▶ [EXERCISE GOAL]: Exactly the lines from the start of the entries through the line with "#16504 = CIRCLE ( 'NONE', #49416, 300. ) ;" are required in the output, with no pictures among them.
======== EXERCISE MATERIAL ========
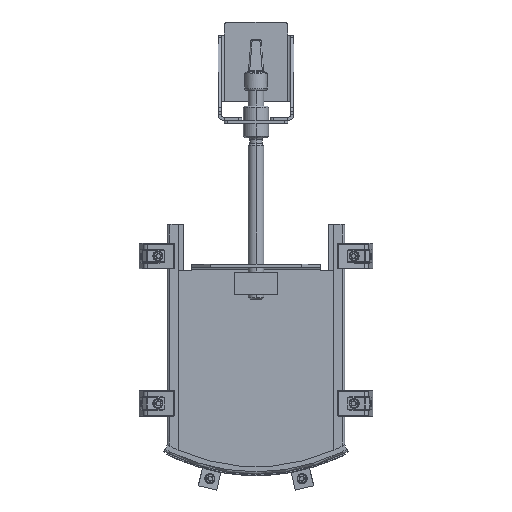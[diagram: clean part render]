
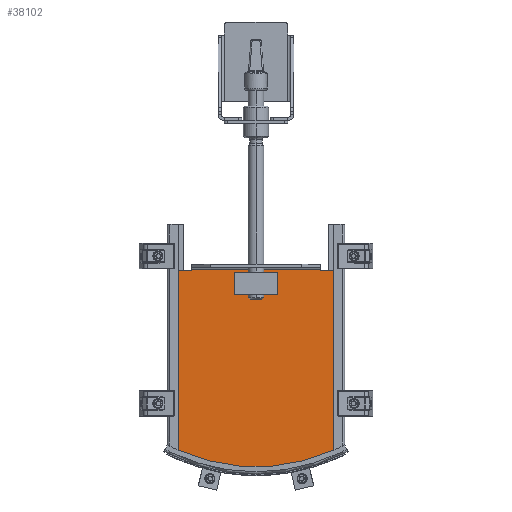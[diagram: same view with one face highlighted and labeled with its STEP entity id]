
A CAD part, top view. The second image highlights one B-rep face of the part: STEP entity #38102.
In plain terms, the highlighted planar face has unit normal (0, 0, 1).
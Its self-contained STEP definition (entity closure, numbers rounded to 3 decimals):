
#226 = EDGE_CURVE ( 'NONE', #18222, #49179, #16504, .T. ) ;
#304 = EDGE_CURVE ( 'NONE', #17332, #54888, #56568, .T. ) ;
#888 = EDGE_LOOP ( 'NONE', ( #49541, #41822, #44449, #29377 ) ) ;
#1295 = VERTEX_POINT ( 'NONE', #54371 ) ;
#1469 = VERTEX_POINT ( 'NONE', #11993 ) ;
#1601 = CARTESIAN_POINT ( 'NONE',  ( -104., 312., 33. ) ) ;
#2583 = CARTESIAN_POINT ( 'NONE',  ( -34., 307.5, 33. ) ) ;
#2959 = CARTESIAN_POINT ( 'NONE',  ( -130., 312., 33. ) ) ;
#3786 = CARTESIAN_POINT ( 'NONE',  ( -122.995, 26.372, 33. ) ) ;
#5295 = VECTOR ( 'NONE', #21768, 1000. ) ;
#8494 = VECTOR ( 'NONE', #55222, 1000. ) ;
#8595 = DIRECTION ( 'NONE',  ( 0., 0., 1. ) ) ;
#9869 = DIRECTION ( 'NONE',  ( 0., 0., -1. ) ) ;
#10270 = DIRECTION ( 'NONE',  ( 0., 0., -1. ) ) ;
#11263 = CARTESIAN_POINT ( 'NONE',  ( -34., 272.5, 33. ) ) ;
#11993 = CARTESIAN_POINT ( 'NONE',  ( -34., 272.5, 33. ) ) ;
#12043 = CARTESIAN_POINT ( 'NONE',  ( 123.172, 310., 33. ) ) ;
#15287 = AXIS2_PLACEMENT_3D ( 'NONE', #1601, #9869, #50204 ) ;
#15751 = LINE ( 'NONE', #36928, #8494 ) ;
#15959 = CARTESIAN_POINT ( 'NONE',  ( 34., 272.5, 33. ) ) ;
#16504 = CIRCLE ( 'NONE', #49416, 300. ) ;
#17332 = VERTEX_POINT ( 'NONE', #39752 ) ;
#17539 = CARTESIAN_POINT ( 'NONE',  ( 122.995, 31.851, 33. ) ) ;
#18222 = VERTEX_POINT ( 'NONE', #3786 ) ;
#18257 = DIRECTION ( 'NONE',  ( -1., 0., 0. ) ) ;
#18341 = VERTEX_POINT ( 'NONE', #2583 ) ;
#19457 = DIRECTION ( 'NONE',  ( 0., -1., 0. ) ) ;
#19868 = EDGE_CURVE ( 'NONE', #49456, #39920, #57485, .T. ) ;
#20051 = EDGE_CURVE ( 'NONE', #1295, #49179, #57905, .T. ) ;
#20201 = EDGE_CURVE ( 'NONE', #29986, #40581, #15751, .T. ) ;
#20261 = VECTOR ( 'NONE', #35552, 1000. ) ;
#20609 = FACE_OUTER_BOUND ( 'NONE', #36428, .T. ) ;
#20676 = AXIS2_PLACEMENT_3D ( 'NONE', #57171, #8595, #25627 ) ;
#20892 = DIRECTION ( 'NONE',  ( 0., -1., 0. ) ) ;
#21164 = ORIENTED_EDGE ( 'NONE', *, *, #48382, .T. ) ;
#21224 = CARTESIAN_POINT ( 'NONE',  ( -123.172, 310., 33. ) ) ;
#21240 = CARTESIAN_POINT ( 'NONE',  ( 0., 300., 33. ) ) ;
#21472 = CARTESIAN_POINT ( 'NONE',  ( -34., 307.5, 33. ) ) ;
#21768 = DIRECTION ( 'NONE',  ( 1., 0., 0. ) ) ;
#22120 = DIRECTION ( 'NONE',  ( 1., 0., 0. ) ) ;
#22231 = DIRECTION ( 'NONE',  ( 0., -1., 0. ) ) ;
#22437 = EDGE_CURVE ( 'NONE', #1295, #29027, #48500, .T. ) ;
#22794 = VECTOR ( 'NONE', #56763, 1000. ) ;
#25627 = DIRECTION ( 'NONE',  ( 1., 0., 0. ) ) ;
#25919 = DIRECTION ( 'NONE',  ( -1., 0., 0. ) ) ;
#26503 = EDGE_CURVE ( 'NONE', #1469, #29986, #46884, .T. ) ;
#26643 = CIRCLE ( 'NONE', #38887, 2. ) ;
#29027 = VERTEX_POINT ( 'NONE', #50607 ) ;
#29377 = ORIENTED_EDGE ( 'NONE', *, *, #20201, .F. ) ;
#29650 = ORIENTED_EDGE ( 'NONE', *, *, #33940, .T. ) ;
#29875 = CARTESIAN_POINT ( 'NONE',  ( -122.995, 310., 33. ) ) ;
#29986 = VERTEX_POINT ( 'NONE', #15959 ) ;
#30064 = EDGE_CURVE ( 'NONE', #39920, #18222, #51301, .T. ) ;
#31454 = ORIENTED_EDGE ( 'NONE', *, *, #304, .F. ) ;
#33088 = VECTOR ( 'NONE', #22231, 1000. ) ;
#33251 = VECTOR ( 'NONE', #18257, 1000. ) ;
#33329 = EDGE_CURVE ( 'NONE', #18341, #1469, #48320, .T. ) ;
#33765 = ORIENTED_EDGE ( 'NONE', *, *, #20051, .F. ) ;
#33940 = EDGE_CURVE ( 'NONE', #17332, #49456, #35862, .T. ) ;
#34680 = ORIENTED_EDGE ( 'NONE', *, *, #226, .T. ) ;
#34981 = CARTESIAN_POINT ( 'NONE',  ( -104., 310., 33. ) ) ;
#35314 = DIRECTION ( 'NONE',  ( 0., 0., 1. ) ) ;
#35329 = CARTESIAN_POINT ( 'NONE',  ( 122.995, 26.372, 33. ) ) ;
#35552 = DIRECTION ( 'NONE',  ( 1., 0., 0. ) ) ;
#35862 = CIRCLE ( 'NONE', #15287, 2. ) ;
#36155 = ORIENTED_EDGE ( 'NONE', *, *, #22437, .T. ) ;
#36428 = EDGE_LOOP ( 'NONE', ( #54172, #46297, #34680, #33765, #36155, #21164, #31454, #29650 ) ) ;
#36928 = CARTESIAN_POINT ( 'NONE',  ( 34., 307.5, 33. ) ) ;
#37475 = CARTESIAN_POINT ( 'NONE',  ( 102., 312., 33. ) ) ;
#38102 = ADVANCED_FACE ( 'NONE', ( #20609, #47787 ), #38575, .T. ) ;
#38575 = PLANE ( 'NONE',  #20676 ) ;
#38887 = AXIS2_PLACEMENT_3D ( 'NONE', #45281, #10270, #54424 ) ;
#39752 = CARTESIAN_POINT ( 'NONE',  ( -102., 312., 33. ) ) ;
#39920 = VERTEX_POINT ( 'NONE', #29875 ) ;
#40581 = VERTEX_POINT ( 'NONE', #53762 ) ;
#41559 = CARTESIAN_POINT ( 'NONE',  ( -122.995, -36.687, 33. ) ) ;
#41822 = ORIENTED_EDGE ( 'NONE', *, *, #33329, .F. ) ;
#43072 = VECTOR ( 'NONE', #19457, 1000. ) ;
#44449 = ORIENTED_EDGE ( 'NONE', *, *, #55745, .F. ) ;
#45281 = CARTESIAN_POINT ( 'NONE',  ( 104., 312., 33. ) ) ;
#46297 = ORIENTED_EDGE ( 'NONE', *, *, #30064, .T. ) ;
#46884 = LINE ( 'NONE', #11263, #20261 ) ;
#47348 = VECTOR ( 'NONE', #20892, 1000. ) ;
#47787 = FACE_BOUND ( 'NONE', #888, .T. ) ;
#48320 = LINE ( 'NONE', #21472, #47348 ) ;
#48382 = EDGE_CURVE ( 'NONE', #29027, #54888, #26643, .T. ) ;
#48500 = LINE ( 'NONE', #12043, #22794 ) ;
#49179 = VERTEX_POINT ( 'NONE', #35329 ) ;
#49416 = AXIS2_PLACEMENT_3D ( 'NONE', #21240, #35314, #22120 ) ;
#49456 = VERTEX_POINT ( 'NONE', #34981 ) ;
#49541 = ORIENTED_EDGE ( 'NONE', *, *, #26503, .F. ) ;
#50204 = DIRECTION ( 'NONE',  ( 1., 0., 0. ) ) ;
#50607 = CARTESIAN_POINT ( 'NONE',  ( 104., 310., 33. ) ) ;
#51301 = LINE ( 'NONE', #41559, #43072 ) ;
#52861 = VECTOR ( 'NONE', #25919, 1000. ) ;
#53762 = CARTESIAN_POINT ( 'NONE',  ( 34., 307.5, 33. ) ) ;
#54172 = ORIENTED_EDGE ( 'NONE', *, *, #19868, .T. ) ;
#54371 = CARTESIAN_POINT ( 'NONE',  ( 122.995, 310., 33. ) ) ;
#54424 = DIRECTION ( 'NONE',  ( 1., 0., 0. ) ) ;
#54497 = LINE ( 'NONE', #57758, #33251 ) ;
#54888 = VERTEX_POINT ( 'NONE', #37475 ) ;
#55222 = DIRECTION ( 'NONE',  ( 0., 1., 0. ) ) ;
#55745 = EDGE_CURVE ( 'NONE', #40581, #18341, #54497, .T. ) ;
#56568 = LINE ( 'NONE', #2959, #5295 ) ;
#56763 = DIRECTION ( 'NONE',  ( -1., 0., 0. ) ) ;
#57171 = CARTESIAN_POINT ( 'NONE',  ( -130., 31.851, 33. ) ) ;
#57485 = LINE ( 'NONE', #21224, #52861 ) ;
#57758 = CARTESIAN_POINT ( 'NONE',  ( -34., 307.5, 33. ) ) ;
#57905 = LINE ( 'NONE', #17539, #33088 ) ;
========
▶ [SOLVED PROBLEM]:
[diagram: clean part render]
[diagram: same view with one face highlighted and labeled with its STEP entity id]
A CAD part, top view. The second image highlights one B-rep face of the part: STEP entity #38102.
In plain terms, the highlighted planar face has unit normal (0, 0, 1).
Its self-contained STEP definition (entity closure, numbers rounded to 3 decimals):
#226 = EDGE_CURVE ( 'NONE', #18222, #49179, #16504, .T. ) ;
#304 = EDGE_CURVE ( 'NONE', #17332, #54888, #56568, .T. ) ;
#888 = EDGE_LOOP ( 'NONE', ( #49541, #41822, #44449, #29377 ) ) ;
#1295 = VERTEX_POINT ( 'NONE', #54371 ) ;
#1469 = VERTEX_POINT ( 'NONE', #11993 ) ;
#1601 = CARTESIAN_POINT ( 'NONE',  ( -104., 312., 33. ) ) ;
#2583 = CARTESIAN_POINT ( 'NONE',  ( -34., 307.5, 33. ) ) ;
#2959 = CARTESIAN_POINT ( 'NONE',  ( -130., 312., 33. ) ) ;
#3786 = CARTESIAN_POINT ( 'NONE',  ( -122.995, 26.372, 33. ) ) ;
#5295 = VECTOR ( 'NONE', #21768, 1000. ) ;
#8494 = VECTOR ( 'NONE', #55222, 1000. ) ;
#8595 = DIRECTION ( 'NONE',  ( 0., 0., 1. ) ) ;
#9869 = DIRECTION ( 'NONE',  ( 0., 0., -1. ) ) ;
#10270 = DIRECTION ( 'NONE',  ( 0., 0., -1. ) ) ;
#11263 = CARTESIAN_POINT ( 'NONE',  ( -34., 272.5, 33. ) ) ;
#11993 = CARTESIAN_POINT ( 'NONE',  ( -34., 272.5, 33. ) ) ;
#12043 = CARTESIAN_POINT ( 'NONE',  ( 123.172, 310., 33. ) ) ;
#15287 = AXIS2_PLACEMENT_3D ( 'NONE', #1601, #9869, #50204 ) ;
#15751 = LINE ( 'NONE', #36928, #8494 ) ;
#15959 = CARTESIAN_POINT ( 'NONE',  ( 34., 272.5, 33. ) ) ;
#16504 = CIRCLE ( 'NONE', #49416, 300. ) ;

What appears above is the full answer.